(About this task): The lines needed are those from the start of the records through the line holding "#1119 = VECTOR ( 'NONE', #5468, 1000. ) ;", each copied exactly.

(Records for the task):
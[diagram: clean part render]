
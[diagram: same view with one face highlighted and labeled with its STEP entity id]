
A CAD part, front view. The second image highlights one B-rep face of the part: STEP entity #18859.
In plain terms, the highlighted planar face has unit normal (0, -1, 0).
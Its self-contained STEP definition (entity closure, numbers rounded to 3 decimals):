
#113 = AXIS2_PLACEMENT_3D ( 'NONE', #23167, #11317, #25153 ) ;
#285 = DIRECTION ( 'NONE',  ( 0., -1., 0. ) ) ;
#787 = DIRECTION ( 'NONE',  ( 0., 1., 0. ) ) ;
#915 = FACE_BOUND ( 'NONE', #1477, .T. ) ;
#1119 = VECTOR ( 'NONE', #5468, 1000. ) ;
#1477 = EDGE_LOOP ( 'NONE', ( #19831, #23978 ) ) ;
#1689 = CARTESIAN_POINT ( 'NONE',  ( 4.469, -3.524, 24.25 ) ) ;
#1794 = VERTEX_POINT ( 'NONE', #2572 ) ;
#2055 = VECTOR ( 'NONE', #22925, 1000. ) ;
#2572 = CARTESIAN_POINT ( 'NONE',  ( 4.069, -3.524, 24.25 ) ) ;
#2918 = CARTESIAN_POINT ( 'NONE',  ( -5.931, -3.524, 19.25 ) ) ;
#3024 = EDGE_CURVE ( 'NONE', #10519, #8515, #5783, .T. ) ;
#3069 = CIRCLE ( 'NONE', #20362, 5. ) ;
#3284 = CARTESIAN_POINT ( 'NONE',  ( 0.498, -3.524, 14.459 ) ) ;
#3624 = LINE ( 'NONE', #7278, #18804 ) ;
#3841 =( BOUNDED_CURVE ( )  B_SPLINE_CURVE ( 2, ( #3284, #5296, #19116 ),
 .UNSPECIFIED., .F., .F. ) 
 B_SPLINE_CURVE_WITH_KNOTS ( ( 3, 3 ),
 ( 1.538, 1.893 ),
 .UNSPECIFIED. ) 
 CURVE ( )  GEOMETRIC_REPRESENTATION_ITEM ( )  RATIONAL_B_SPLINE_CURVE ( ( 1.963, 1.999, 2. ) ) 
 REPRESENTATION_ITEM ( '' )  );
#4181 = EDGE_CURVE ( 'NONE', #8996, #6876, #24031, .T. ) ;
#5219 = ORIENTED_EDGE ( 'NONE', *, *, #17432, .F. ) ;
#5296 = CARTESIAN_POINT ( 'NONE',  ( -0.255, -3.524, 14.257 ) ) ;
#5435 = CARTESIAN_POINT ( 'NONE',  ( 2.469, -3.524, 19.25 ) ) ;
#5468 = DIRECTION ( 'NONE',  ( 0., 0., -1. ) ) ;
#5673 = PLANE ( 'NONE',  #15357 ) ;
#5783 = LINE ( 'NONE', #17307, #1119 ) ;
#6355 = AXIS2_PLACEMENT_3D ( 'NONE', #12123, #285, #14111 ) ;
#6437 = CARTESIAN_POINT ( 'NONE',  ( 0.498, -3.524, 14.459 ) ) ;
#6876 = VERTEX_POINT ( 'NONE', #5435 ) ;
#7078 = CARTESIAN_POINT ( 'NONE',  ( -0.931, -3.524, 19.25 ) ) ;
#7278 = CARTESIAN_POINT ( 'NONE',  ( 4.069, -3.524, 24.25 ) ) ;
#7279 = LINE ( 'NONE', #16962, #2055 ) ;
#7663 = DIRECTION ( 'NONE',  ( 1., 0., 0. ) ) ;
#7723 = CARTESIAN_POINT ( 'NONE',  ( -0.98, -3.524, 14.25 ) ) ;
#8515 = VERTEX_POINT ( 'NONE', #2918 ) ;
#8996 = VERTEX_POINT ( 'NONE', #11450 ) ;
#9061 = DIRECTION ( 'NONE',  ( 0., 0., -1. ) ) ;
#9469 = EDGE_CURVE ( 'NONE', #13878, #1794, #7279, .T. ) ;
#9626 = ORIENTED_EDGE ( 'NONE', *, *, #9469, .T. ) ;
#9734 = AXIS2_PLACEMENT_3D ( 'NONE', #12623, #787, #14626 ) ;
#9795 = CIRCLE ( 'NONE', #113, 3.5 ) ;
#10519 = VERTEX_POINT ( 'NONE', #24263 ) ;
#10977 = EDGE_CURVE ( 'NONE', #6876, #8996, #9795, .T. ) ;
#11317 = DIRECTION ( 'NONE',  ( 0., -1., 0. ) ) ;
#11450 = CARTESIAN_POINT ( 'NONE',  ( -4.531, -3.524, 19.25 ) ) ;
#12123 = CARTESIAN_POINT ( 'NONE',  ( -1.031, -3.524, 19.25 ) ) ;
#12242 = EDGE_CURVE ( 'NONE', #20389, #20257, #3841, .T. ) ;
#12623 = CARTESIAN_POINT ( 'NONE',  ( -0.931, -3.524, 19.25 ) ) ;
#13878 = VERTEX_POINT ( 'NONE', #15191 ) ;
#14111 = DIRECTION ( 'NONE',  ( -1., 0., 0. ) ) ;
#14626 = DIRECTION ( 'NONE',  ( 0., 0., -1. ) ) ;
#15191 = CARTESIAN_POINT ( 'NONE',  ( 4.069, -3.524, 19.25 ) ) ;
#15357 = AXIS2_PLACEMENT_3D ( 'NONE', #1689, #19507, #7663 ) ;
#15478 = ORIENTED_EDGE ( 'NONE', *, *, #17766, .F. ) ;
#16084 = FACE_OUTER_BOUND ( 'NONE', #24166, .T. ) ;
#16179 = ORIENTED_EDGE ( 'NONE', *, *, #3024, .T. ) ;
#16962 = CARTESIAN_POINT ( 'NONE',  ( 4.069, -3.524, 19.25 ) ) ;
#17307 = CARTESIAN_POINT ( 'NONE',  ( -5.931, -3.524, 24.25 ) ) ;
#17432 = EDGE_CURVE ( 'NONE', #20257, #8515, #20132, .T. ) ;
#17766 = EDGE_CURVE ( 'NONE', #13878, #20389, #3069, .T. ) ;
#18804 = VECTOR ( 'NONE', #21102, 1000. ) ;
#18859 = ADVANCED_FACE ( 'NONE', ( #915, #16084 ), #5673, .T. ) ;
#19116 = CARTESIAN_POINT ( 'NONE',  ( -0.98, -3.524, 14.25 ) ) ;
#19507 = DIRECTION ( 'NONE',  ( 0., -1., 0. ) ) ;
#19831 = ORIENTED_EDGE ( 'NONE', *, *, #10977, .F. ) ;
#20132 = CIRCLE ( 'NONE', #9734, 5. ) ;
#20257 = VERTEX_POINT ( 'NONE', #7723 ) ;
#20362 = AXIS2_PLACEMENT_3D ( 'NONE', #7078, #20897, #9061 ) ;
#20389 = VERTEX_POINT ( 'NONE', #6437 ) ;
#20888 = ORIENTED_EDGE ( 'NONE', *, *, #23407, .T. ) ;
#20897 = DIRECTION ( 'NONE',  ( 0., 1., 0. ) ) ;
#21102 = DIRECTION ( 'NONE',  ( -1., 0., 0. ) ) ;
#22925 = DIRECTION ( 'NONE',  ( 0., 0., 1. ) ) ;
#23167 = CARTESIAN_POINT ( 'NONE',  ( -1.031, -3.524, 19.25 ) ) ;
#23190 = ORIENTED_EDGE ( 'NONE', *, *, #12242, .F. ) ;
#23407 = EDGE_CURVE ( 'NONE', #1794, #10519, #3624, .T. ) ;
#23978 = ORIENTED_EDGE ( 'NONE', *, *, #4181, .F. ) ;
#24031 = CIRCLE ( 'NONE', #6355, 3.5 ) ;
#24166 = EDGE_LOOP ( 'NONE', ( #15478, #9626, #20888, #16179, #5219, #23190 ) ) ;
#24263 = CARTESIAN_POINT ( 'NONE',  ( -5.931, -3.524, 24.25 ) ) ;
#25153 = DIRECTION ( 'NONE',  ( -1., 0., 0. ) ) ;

(Exercise response):
[diagram: clean part render]
[diagram: same view with one face highlighted and labeled with its STEP entity id]
A CAD part, front view. The second image highlights one B-rep face of the part: STEP entity #18859.
In plain terms, the highlighted planar face has unit normal (0, -1, 0).
Its self-contained STEP definition (entity closure, numbers rounded to 3 decimals):
#113 = AXIS2_PLACEMENT_3D ( 'NONE', #23167, #11317, #25153 ) ;
#285 = DIRECTION ( 'NONE',  ( 0., -1., 0. ) ) ;
#787 = DIRECTION ( 'NONE',  ( 0., 1., 0. ) ) ;
#915 = FACE_BOUND ( 'NONE', #1477, .T. ) ;
#1119 = VECTOR ( 'NONE', #5468, 1000. ) ;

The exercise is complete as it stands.